Journal Entry ‐ G:Profiler - bcb420-2024/Anna_Lai GitHub Wiki
G:Profiler
Date March 05, 2024
Steps
- Go to G:Profiler and enter the gene set given. Parameters used:
- Data sources : Reactome, Go biologoical process, and Wiki pathways
- Significance threshold - Benjamini hochberg FDR
- Observe the result and answer the questions.
Answers
What is the top term returned in each data source?
- Go Biological process returned immune system process as the top term.
- Reactome returned immune system as the top term.
- Wiki Pathways returned TYROBP causal network in microglia as the top term.
How many genes are in each of the above genesets returned?
- Go Biological process: 287 out of 425 genes found are in the top term.
- Reactome: 218 out of 332 genes found are in the top term.
- Wiki Pathways: 30 out of 294 genes found are in the top term.
How many genes from our query are found in the above genesets?
- Go Biological process: There are 21031 genes in the dataset in total.
- Reactome: There are 10842 genes in the dataset in total.
- Wiki Pathways: There are 8286 genes in the dataset in total.
Change g:profiler settings so that you limit the size of the returned genesets. Make sure the returned genesets are between 5 and 200 genes in size. Did that change the results?
After changing the term size and limiting them to 5 - 200:
- Go Biological process: The top term is now antigen processing and presentation.
- Reactome: The top term is now Immunoregulatory interactions between a Lymphoid and a non-Lymphoid cell.
- Wiki Pathways: The top term is now TYROBP causal network in microglia.
The query length is 485, seems like not one database can identify all the genes input.
Which of the 4 ovarian cancer expression subtypes do you think this list represents?
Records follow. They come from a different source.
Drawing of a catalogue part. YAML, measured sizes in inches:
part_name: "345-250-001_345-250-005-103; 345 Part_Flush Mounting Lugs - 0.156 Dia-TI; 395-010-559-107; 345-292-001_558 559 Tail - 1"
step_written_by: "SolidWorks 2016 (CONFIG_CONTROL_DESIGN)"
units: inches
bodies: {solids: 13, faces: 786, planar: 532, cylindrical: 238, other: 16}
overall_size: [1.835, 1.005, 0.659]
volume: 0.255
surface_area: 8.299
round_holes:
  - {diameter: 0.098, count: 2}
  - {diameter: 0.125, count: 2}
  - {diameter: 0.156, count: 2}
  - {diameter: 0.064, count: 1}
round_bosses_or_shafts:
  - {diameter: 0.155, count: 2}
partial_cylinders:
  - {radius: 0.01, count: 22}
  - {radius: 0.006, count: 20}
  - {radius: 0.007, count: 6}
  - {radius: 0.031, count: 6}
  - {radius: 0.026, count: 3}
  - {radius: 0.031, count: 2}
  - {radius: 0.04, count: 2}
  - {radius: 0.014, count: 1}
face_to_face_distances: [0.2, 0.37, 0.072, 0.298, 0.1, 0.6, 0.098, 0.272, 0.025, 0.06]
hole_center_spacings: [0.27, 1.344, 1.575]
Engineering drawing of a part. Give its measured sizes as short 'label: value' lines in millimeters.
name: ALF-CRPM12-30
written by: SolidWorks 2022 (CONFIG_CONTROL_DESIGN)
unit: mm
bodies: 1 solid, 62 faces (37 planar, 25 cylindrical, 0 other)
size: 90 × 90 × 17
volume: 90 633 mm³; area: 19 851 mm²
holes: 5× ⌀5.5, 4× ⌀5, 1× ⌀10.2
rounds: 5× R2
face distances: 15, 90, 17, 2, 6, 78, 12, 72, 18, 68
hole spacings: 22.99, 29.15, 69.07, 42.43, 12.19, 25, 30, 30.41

Out of the 4 types: (Tothill et al) 1. an immunoreactive expression subtype associated with infiltration of immune cells, 2. a low stromal expression subtype with high levels of circulating CA125, 3. a poor prognosis subtype displaying strong stromal response, correlating with extensive desmoplasia, and 4. a mesenchymal subtype with high expression of N/P-cadherins.
I believe this set of genes is tied to the first type, the immunoreactive expression subtype of ovarian cancer.
Bonus: The top gene returned for this comparison is TFEC (ensembl gene id:ENSG00000105967). Is it found annotated in any of the pathways returned by g:profiler for our query? What terms is it associated with it g:profiler?
Yes, TFEC was found in our query. In GO:Biological process, it is associated with the Go term immune system process, response to stimulus, response to stress, cellular response to stimulus, positive regulation of biological process, and regulation of leukocyte mediated cytotoxicity. No annotation term was found in the other two databases for TFEC.
References and citations (if any)
g:Profiler. (Version e111_eg58_p18_30541362). Retrieved from https://biit.cs.ut.ee/gprofiler/gost.
Tothill RW, Tinker AV, George J, Brown R, Fox SB, Lade S, Johnson DS, Trivett MK, Etemadmoghadam D, Locandro B, Traficante N, Fereday S, Hung JA, Chiew YE, Haviv I; Australian Ovarian Cancer Study Group; Gertig D, DeFazio A, Bowtell DD. Novel molecular subtypes of serous and endometrioid ovarian cancer linked to clinical outcome. Clin Cancer Res. 2008 Aug 15;14(16):5198-208. doi: 10.1158/1078-0432.CCR-08-0196. PMID: 18698038.